Is this normal? If so, can anyone give me some explanation ? Thanks in advance.
You need to provide more information to get some useful advice:
- your column data: as.data.frame(colData(dds))
- your design
- the code you used
- the output of sessionInfo()
- a picture of the PCA plot*
*see "How do I put images into my posts?": https://support.bioconductor.org/info/faq/
Thanks Michael.
Following are more information about my analysis:
as.data.frame(colData(ddsTC))
genotype sizeFactor
rep1_A_16 A 0.5108994
rep2_A_16 A 1.8407776
rep3_A_16 A 0.8506794
rep1_B_16 B 1.0531460
rep2_B_16 B 0.4112253
rep3_B_16 B 1.0702545
rep2_C_16 C 1.2199964
rep3_C_16 C 1.2810071
rep1_D_16 D 1.0954071
rep2_D_16 D 1.1814218
rep3_D_16 D 1.4053602
LRTDesign = data.frame(row.names = colnames(R_data ),genotype = c( "A", "A", "A", "B", "B", "B", "C", "C", "D", "D", "D"))
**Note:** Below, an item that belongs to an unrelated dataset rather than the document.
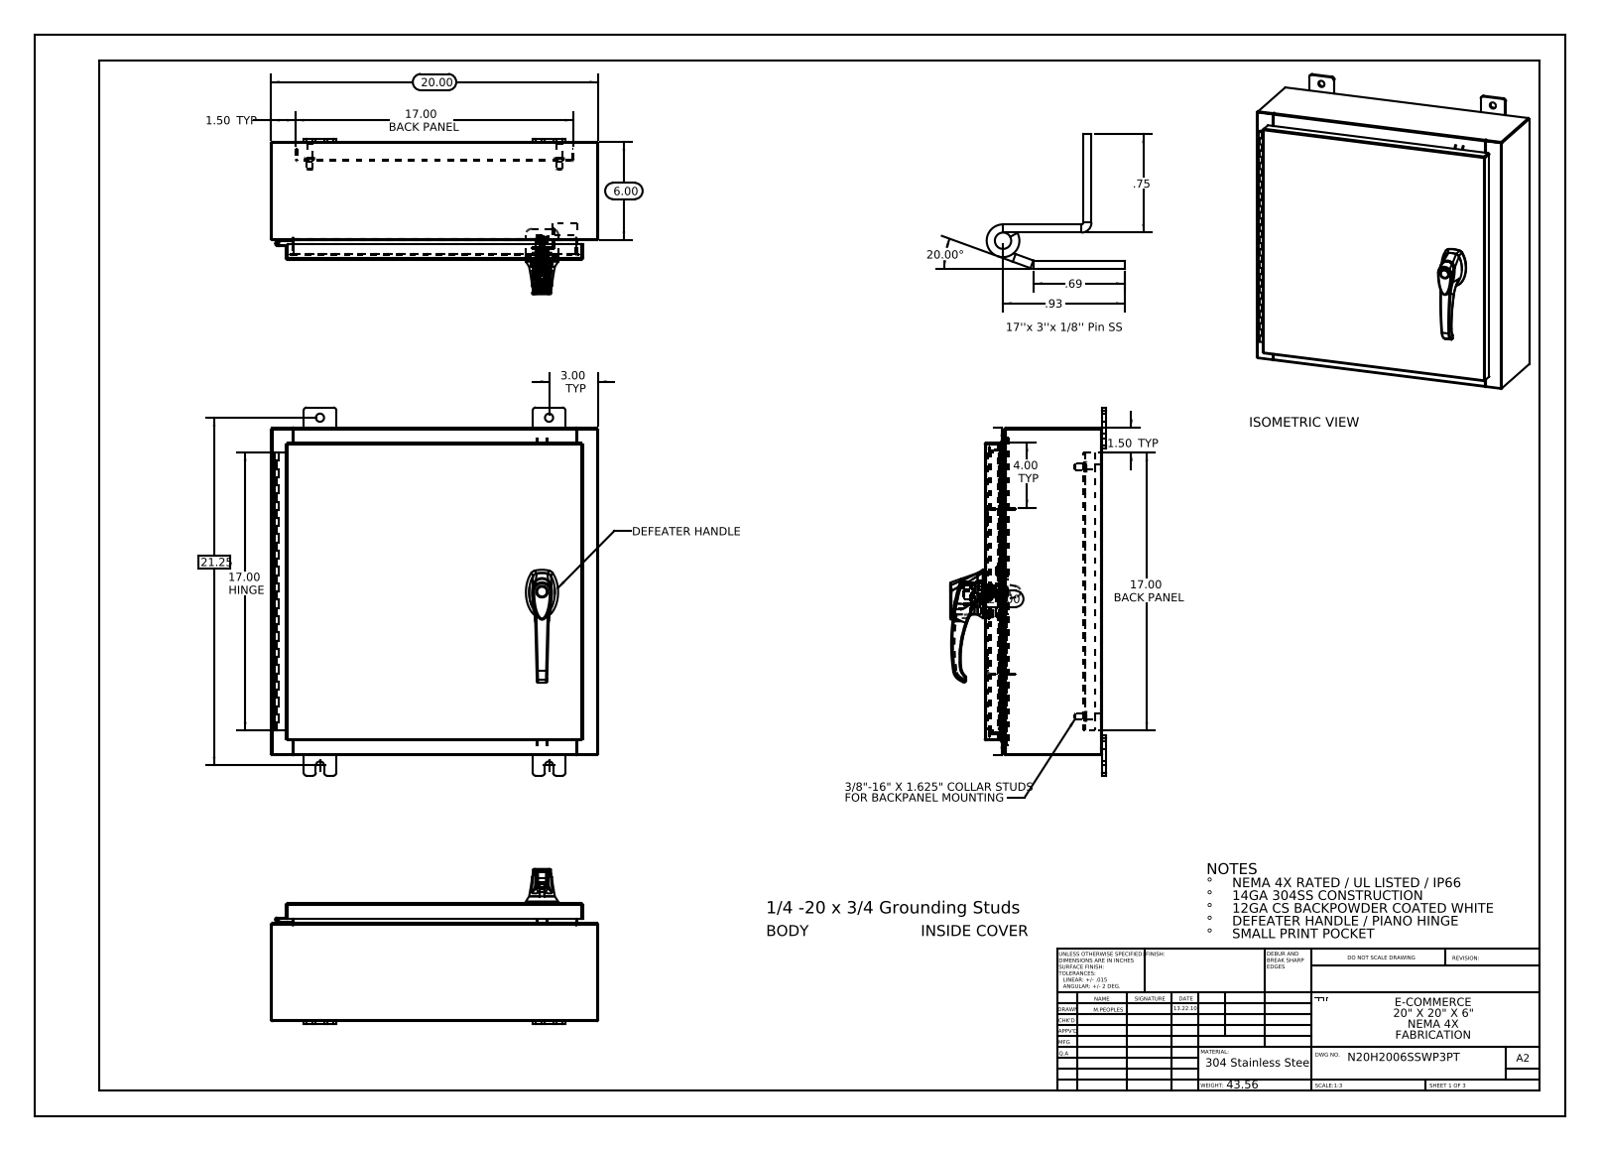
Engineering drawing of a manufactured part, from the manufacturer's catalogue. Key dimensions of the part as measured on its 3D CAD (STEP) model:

R_data_matrix <- data.matrix(R_data)
head(R_data_matrix)
ddsTC <- DESeqDataSetFromMatrix(countData = R_data_matrix, colData= LRTDesign, design = ~ genotype)
ddsTC <- DESeq(ddsTC, test="LRT", reduced = ~ 1)
resultsNames(ddsTC)
D_vs_A_16<-results(ddsTC, name = "genotype_D_vs_A", test = "Wald")
> sessionInfo()
R version 3.2.0 (2015-04-16)
Platform: x86_64-w64-mingw32/x64 (64-bit)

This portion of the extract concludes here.